> [EXERCISE]:
Write out the stretch of lines below that begins at the line with "#12579=EDGE_CURVE('',#9827,#9826,#1847,.T.);" and ends at the line with "#17559=ORIENTED_EDGE('',*,*,#12552,.F.);", including both, exactly as given and nothing more.

> [INPUT MATERIAL]:
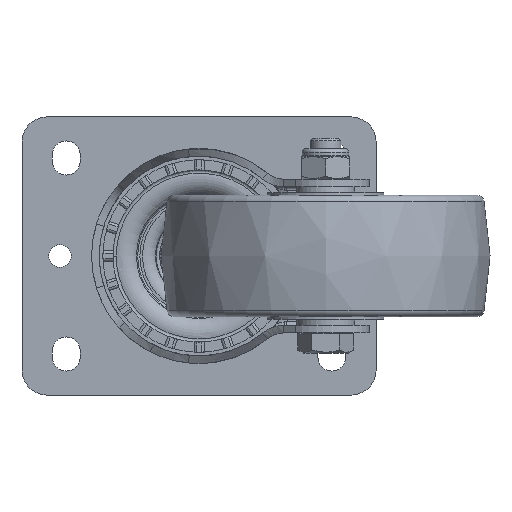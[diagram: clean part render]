
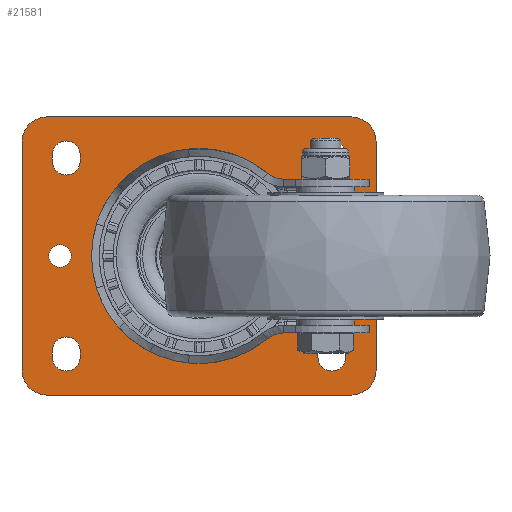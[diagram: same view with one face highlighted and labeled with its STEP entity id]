
A CAD part, front view. The second image highlights one B-rep face of the part: STEP entity #21581.
In plain terms, the highlighted planar face has unit normal (0, -1, 0).
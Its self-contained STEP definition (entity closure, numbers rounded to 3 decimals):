
#157=FACE_BOUND('',#6620,.T.);
#158=FACE_BOUND('',#6621,.T.);
#159=FACE_BOUND('',#6622,.T.);
#160=FACE_BOUND('',#6623,.T.);
#161=FACE_BOUND('',#6624,.T.);
#162=FACE_BOUND('',#6625,.T.);
#163=FACE_BOUND('',#6626,.T.);
#497=PLANE('',#22797);
#1823=LINE('',#35034,#3698);
#1826=LINE('',#35043,#3701);
#1829=LINE('',#35051,#3704);
#1831=LINE('',#35059,#3706);
#1835=LINE('',#35068,#3710);
#1837=LINE('',#35075,#3712);
#1841=LINE('',#35084,#3716);
#1843=LINE('',#35091,#3718);
#1847=LINE('',#35100,#3722);
#1849=LINE('',#35107,#3724);
#1853=LINE('',#35116,#3728);
#1855=LINE('',#35121,#3730);
#3698=VECTOR('',#25541,10.);
#3701=VECTOR('',#25552,10.);
#3704=VECTOR('',#25561,10.);
#3706=VECTOR('',#25569,10.);
#3710=VECTOR('',#25579,10.);
#3712=VECTOR('',#25587,10.);
#3716=VECTOR('',#25597,10.);
#3718=VECTOR('',#25605,10.);
#3722=VECTOR('',#25615,10.);
#3724=VECTOR('',#25623,10.);
#3728=VECTOR('',#25633,10.);
#3730=VECTOR('',#25641,10.);
#5347=FACE_OUTER_BOUND('',#6619,.T.);
#6619=EDGE_LOOP('',(#17553,#17554,#17555,#17556,#17557,#17558,#17559,#17560));
#6620=EDGE_LOOP('',(#17561));
#6621=EDGE_LOOP('',(#17562));
#6622=EDGE_LOOP('',(#17563,#17564,#17565,#17566));
#6623=EDGE_LOOP('',(#17567,#17568,#17569,#17570));
#6624=EDGE_LOOP('',(#17571,#17572,#17573,#17574));
#6625=EDGE_LOOP('',(#17575,#17576,#17577,#17578));
#6626=EDGE_LOOP('',(#17579));
#7411=CIRCLE('',#22713,4.5);
#7412=CIRCLE('',#22715,4.5);
#7439=CIRCLE('',#22756,10.);
#7440=CIRCLE('',#22760,10.);
#7441=CIRCLE('',#22763,10.);
#7442=CIRCLE('',#22766,10.);
#7443=CIRCLE('',#22769,5.5);
#7444=CIRCLE('',#22772,5.5);
#7445=CIRCLE('',#22775,5.5);
#7446=CIRCLE('',#22778,5.5);
#7447=CIRCLE('',#22781,5.5);
#7448=CIRCLE('',#22784,5.5);
#7449=CIRCLE('',#22787,5.5);
#7450=CIRCLE('',#22790,5.5);
#7451=CIRCLE('',#22793,42.09);
#9787=VERTEX_POINT('',#34957);
#9788=VERTEX_POINT('',#34961);
#9808=VERTEX_POINT('',#35026);
#9809=VERTEX_POINT('',#35027);
#9810=VERTEX_POINT('',#35032);
#9811=VERTEX_POINT('',#35037);
#9812=VERTEX_POINT('',#35041);
#9813=VERTEX_POINT('',#35045);
#9814=VERTEX_POINT('',#35046);
#9815=VERTEX_POINT('',#35053);
#9816=VERTEX_POINT('',#35057);
#9817=VERTEX_POINT('',#35058);
#9818=VERTEX_POINT('',#35063);
#9819=VERTEX_POINT('',#35067);
#9820=VERTEX_POINT('',#35073);
#9821=VERTEX_POINT('',#35074);
#9822=VERTEX_POINT('',#35079);
#9823=VERTEX_POINT('',#35083);
#9824=VERTEX_POINT('',#35089);
#9825=VERTEX_POINT('',#35090);
#9826=VERTEX_POINT('',#35095);
#9827=VERTEX_POINT('',#35099);
#9828=VERTEX_POINT('',#35105);
#9829=VERTEX_POINT('',#35106);
#9830=VERTEX_POINT('',#35111);
#9831=VERTEX_POINT('',#35115);
#9832=VERTEX_POINT('',#35123);
#12511=EDGE_CURVE('',#9787,#9787,#7411,.T.);
#12513=EDGE_CURVE('',#9788,#9788,#7412,.T.);
#12543=EDGE_CURVE('',#9808,#9809,#7439,.T.);
#12547=EDGE_CURVE('',#9808,#9810,#1823,.T.);
#12548=EDGE_CURVE('',#9811,#9810,#7440,.T.);
#12551=EDGE_CURVE('',#9811,#9812,#1826,.T.);
#12552=EDGE_CURVE('',#9813,#9814,#7441,.T.);
#12555=EDGE_CURVE('',#9813,#9809,#1829,.T.);
#12556=EDGE_CURVE('',#9815,#9812,#7442,.T.);
#12558=EDGE_CURVE('',#9816,#9817,#1831,.T.);
#12561=EDGE_CURVE('',#9817,#9818,#7443,.T.);
#12563=EDGE_CURVE('',#9818,#9819,#1835,.T.);
#12565=EDGE_CURVE('',#9819,#9816,#7444,.T.);
#12566=EDGE_CURVE('',#9820,#9821,#1837,.T.);
#12569=EDGE_CURVE('',#9822,#9820,#7445,.T.);
#12571=EDGE_CURVE('',#9823,#9822,#1841,.T.);
#12573=EDGE_CURVE('',#9821,#9823,#7446,.T.);
#12574=EDGE_CURVE('',#9824,#9825,#1843,.T.);
#12577=EDGE_CURVE('',#9826,#9824,#7447,.T.);
#12579=EDGE_CURVE('',#9827,#9826,#1847,.T.);
#12581=EDGE_CURVE('',#9825,#9827,#7448,.T.);
#12582=EDGE_CURVE('',#9828,#9829,#1849,.T.);
#12585=EDGE_CURVE('',#9829,#9830,#7449,.T.);
#12587=EDGE_CURVE('',#9830,#9831,#1853,.T.);
#12589=EDGE_CURVE('',#9831,#9828,#7450,.T.);
#12590=EDGE_CURVE('',#9815,#9814,#1855,.T.);
#12591=EDGE_CURVE('',#9832,#9832,#7451,.T.);
#17553=ORIENTED_EDGE('',*,*,#12543,.F.);
#17554=ORIENTED_EDGE('',*,*,#12547,.T.);
#17555=ORIENTED_EDGE('',*,*,#12548,.F.);
#17556=ORIENTED_EDGE('',*,*,#12551,.T.);
#17557=ORIENTED_EDGE('',*,*,#12556,.F.);
#17558=ORIENTED_EDGE('',*,*,#12590,.T.);
#17559=ORIENTED_EDGE('',*,*,#12552,.F.);
#17560=ORIENTED_EDGE('',*,*,#12555,.T.);
#17561=ORIENTED_EDGE('',*,*,#12511,.T.);
#17562=ORIENTED_EDGE('',*,*,#12513,.T.);
#17563=ORIENTED_EDGE('',*,*,#12558,.T.);
#17564=ORIENTED_EDGE('',*,*,#12561,.T.);
#17565=ORIENTED_EDGE('',*,*,#12563,.T.);
#17566=ORIENTED_EDGE('',*,*,#12565,.T.);
#17567=ORIENTED_EDGE('',*,*,#12566,.T.);
#17568=ORIENTED_EDGE('',*,*,#12573,.T.);
#17569=ORIENTED_EDGE('',*,*,#12571,.T.);
#17570=ORIENTED_EDGE('',*,*,#12569,.T.);
#17571=ORIENTED_EDGE('',*,*,#12574,.T.);
#17572=ORIENTED_EDGE('',*,*,#12581,.T.);
#17573=ORIENTED_EDGE('',*,*,#12579,.T.);
#17574=ORIENTED_EDGE('',*,*,#12577,.T.);
#17575=ORIENTED_EDGE('',*,*,#12587,.T.);
#17576=ORIENTED_EDGE('',*,*,#12589,.T.);
#17577=ORIENTED_EDGE('',*,*,#12582,.T.);
#17578=ORIENTED_EDGE('',*,*,#12585,.T.);
#17579=ORIENTED_EDGE('',*,*,#12591,.T.);
#21581=ADVANCED_FACE('',(#5347,#157,#158,#159,#160,#161,#162,#163),#497,
 .T.);
#22713=AXIS2_PLACEMENT_3D('',#34959,#25444,#25445);
#22715=AXIS2_PLACEMENT_3D('',#34963,#25449,#25450);
#22756=AXIS2_PLACEMENT_3D('',#35028,#25534,#25535);
#22760=AXIS2_PLACEMENT_3D('',#35038,#25546,#25547);
#22763=AXIS2_PLACEMENT_3D('',#35047,#25555,#25556);
#22766=AXIS2_PLACEMENT_3D('',#35054,#25564,#25565);
#22769=AXIS2_PLACEMENT_3D('',#35064,#25574,#25575);
#22772=AXIS2_PLACEMENT_3D('',#35071,#25583,#25584);
#22775=AXIS2_PLACEMENT_3D('',#35080,#25592,#25593);
#22778=AXIS2_PLACEMENT_3D('',#35087,#25601,#25602);
#22781=AXIS2_PLACEMENT_3D('',#35096,#25610,#25611);
#22784=AXIS2_PLACEMENT_3D('',#35103,#25619,#25620);
#22787=AXIS2_PLACEMENT_3D('',#35112,#25628,#25629);
#22790=AXIS2_PLACEMENT_3D('',#35119,#25637,#25638);
#22793=AXIS2_PLACEMENT_3D('',#35124,#25644,#25645);
#22797=AXIS2_PLACEMENT_3D('',#35130,#25652,#25653);
#25444=DIRECTION('center_axis',(0.,1.,0.));
#25445=DIRECTION('ref_axis',(1.,0.,0.));
#25449=DIRECTION('center_axis',(0.,1.,0.));
#25450=DIRECTION('ref_axis',(1.,0.,0.));
#25534=DIRECTION('center_axis',(0.,1.,0.));
#25535=DIRECTION('ref_axis',(0.707,0.,-0.707));
#25541=DIRECTION('',(0.,0.,1.));
#25546=DIRECTION('center_axis',(0.,1.,0.));
#25547=DIRECTION('ref_axis',(0.707,0.,0.707));
#25552=DIRECTION('',(-1.,0.,0.));
#25555=DIRECTION('center_axis',(0.,1.,0.));
#25556=DIRECTION('ref_axis',(-0.707,0.,-0.707));
#25561=DIRECTION('',(1.,0.,0.));
#25564=DIRECTION('center_axis',(0.,1.,0.));
#25565=DIRECTION('ref_axis',(-0.707,0.,0.707));
#25569=DIRECTION('',(0.,0.,-1.));
#25574=DIRECTION('center_axis',(0.,1.,0.));
#25575=DIRECTION('ref_axis',(1.,0.,0.));
#25579=DIRECTION('',(0.,0.,1.));
#25583=DIRECTION('center_axis',(0.,1.,0.));
#25584=DIRECTION('ref_axis',(-1.,0.,0.));
#25587=DIRECTION('',(0.,0.,1.));
#25592=DIRECTION('center_axis',(0.,1.,0.));
#25593=DIRECTION('ref_axis',(-1.,0.,0.));
#25597=DIRECTION('',(0.,0.,-1.));
#25601=DIRECTION('center_axis',(0.,1.,0.));
#25602=DIRECTION('ref_axis',(1.,0.,0.));
#25605=DIRECTION('',(0.,0.,-1.));
#25610=DIRECTION('center_axis',(0.,1.,0.));
#25611=DIRECTION('ref_axis',(1.,0.,0.));
#25615=DIRECTION('',(0.,0.,1.));
#25619=DIRECTION('center_axis',(0.,1.,0.));
#25620=DIRECTION('ref_axis',(-1.,0.,0.));
#25623=DIRECTION('',(0.,0.,1.));
#25628=DIRECTION('center_axis',(0.,1.,0.));
#25629=DIRECTION('ref_axis',(-1.,0.,0.));
#25633=DIRECTION('',(0.,0.,-1.));
#25637=DIRECTION('center_axis',(0.,1.,0.));
#25638=DIRECTION('ref_axis',(1.,0.,0.));
#25641=DIRECTION('',(0.,0.,-1.));
#25644=DIRECTION('center_axis',(0.,1.,0.));
#25645=DIRECTION('ref_axis',(1.,0.,0.));
#25652=DIRECTION('center_axis',(0.,-1.,0.));
#25653=DIRECTION('ref_axis',(0.,0.,-1.));
#34957=CARTESIAN_POINT('',(-59.5,-4.,0.));
#34959=CARTESIAN_POINT('Origin',(-55.,-4.,0.));
#34961=CARTESIAN_POINT('',(50.5,-4.,0.));
#34963=CARTESIAN_POINT('Origin',(55.,-4.,0.));
#35026=CARTESIAN_POINT('',(70.,-4.,-45.));
#35027=CARTESIAN_POINT('',(60.,-4.,-55.));
#35028=CARTESIAN_POINT('Origin',(60.,-4.,-45.));
#35032=CARTESIAN_POINT('',(70.,-4.,45.));
#35034=CARTESIAN_POINT('',(70.,-4.,55.));
#35037=CARTESIAN_POINT('',(60.,-4.,55.));
#35038=CARTESIAN_POINT('Origin',(60.,-4.,45.));
#35041=CARTESIAN_POINT('',(-60.,-4.,55.));
#35043=CARTESIAN_POINT('',(-70.,-4.,55.));
#35045=CARTESIAN_POINT('',(-60.,-4.,-55.));
#35046=CARTESIAN_POINT('',(-70.,-4.,-45.));
#35047=CARTESIAN_POINT('Origin',(-60.,-4.,-45.));
#35051=CARTESIAN_POINT('',(70.,-4.,-55.));
#35053=CARTESIAN_POINT('',(-70.,-4.,45.));
#35054=CARTESIAN_POINT('Origin',(-60.,-4.,45.));
#35057=CARTESIAN_POINT('',(58.,-4.,40.));
#35058=CARTESIAN_POINT('',(58.,-4.,37.5));
#35059=CARTESIAN_POINT('',(58.,-4.,18.75));
#35063=CARTESIAN_POINT('',(47.,-4.,37.5));
#35064=CARTESIAN_POINT('Origin',(52.5,-4.,37.5));
#35067=CARTESIAN_POINT('',(47.,-4.,40.));
#35068=CARTESIAN_POINT('',(47.,-4.,20.));
#35071=CARTESIAN_POINT('Origin',(52.5,-4.,40.));
#35073=CARTESIAN_POINT('',(-58.,-4.,37.5));
#35074=CARTESIAN_POINT('',(-58.,-4.,40.));
#35075=CARTESIAN_POINT('',(-58.,-4.,18.75));
#35079=CARTESIAN_POINT('',(-47.,-4.,37.5));
#35080=CARTESIAN_POINT('Origin',(-52.5,-4.,37.5));
#35083=CARTESIAN_POINT('',(-47.,-4.,40.));
#35084=CARTESIAN_POINT('',(-47.,-4.,20.));
#35087=CARTESIAN_POINT('Origin',(-52.5,-4.,40.));
#35089=CARTESIAN_POINT('',(58.,-4.,-37.5));
#35090=CARTESIAN_POINT('',(58.,-4.,-40.));
#35091=CARTESIAN_POINT('',(58.,-4.,-18.75));
#35095=CARTESIAN_POINT('',(47.,-4.,-37.5));
#35096=CARTESIAN_POINT('Origin',(52.5,-4.,-37.5));
#35099=CARTESIAN_POINT('',(47.,-4.,-40.));
#35100=CARTESIAN_POINT('',(47.,-4.,-20.));
#35103=CARTESIAN_POINT('Origin',(52.5,-4.,-40.));
#35105=CARTESIAN_POINT('',(-58.,-4.,-40.));
#35106=CARTESIAN_POINT('',(-58.,-4.,-37.5));
#35107=CARTESIAN_POINT('',(-58.,-4.,-18.75));
#35111=CARTESIAN_POINT('',(-47.,-4.,-37.5));
#35112=CARTESIAN_POINT('Origin',(-52.5,-4.,-37.5));
#35115=CARTESIAN_POINT('',(-47.,-4.,-40.));
#35116=CARTESIAN_POINT('',(-47.,-4.,-20.));
#35119=CARTESIAN_POINT('Origin',(-52.5,-4.,-40.));
#35121=CARTESIAN_POINT('',(-70.,-4.,-55.));
#35123=CARTESIAN_POINT('',(0.,-4.,-42.09));
#35124=CARTESIAN_POINT('Origin',(0.,-4.,0.));
#35130=CARTESIAN_POINT('Origin',(-50.,-4.,0.));

> [EXPECTED ANSWER]:
#12579=EDGE_CURVE('',#9827,#9826,#1847,.T.);
#12581=EDGE_CURVE('',#9825,#9827,#7448,.T.);
#12582=EDGE_CURVE('',#9828,#9829,#1849,.T.);
#12585=EDGE_CURVE('',#9829,#9830,#7449,.T.);
#12587=EDGE_CURVE('',#9830,#9831,#1853,.T.);
#12589=EDGE_CURVE('',#9831,#9828,#7450,.T.);
#12590=EDGE_CURVE('',#9815,#9814,#1855,.T.);
#12591=EDGE_CURVE('',#9832,#9832,#7451,.T.);
#17553=ORIENTED_EDGE('',*,*,#12543,.F.);
#17554=ORIENTED_EDGE('',*,*,#12547,.T.);
#17555=ORIENTED_EDGE('',*,*,#12548,.F.);
#17556=ORIENTED_EDGE('',*,*,#12551,.T.);
#17557=ORIENTED_EDGE('',*,*,#12556,.F.);
#17558=ORIENTED_EDGE('',*,*,#12590,.T.);
#17559=ORIENTED_EDGE('',*,*,#12552,.F.);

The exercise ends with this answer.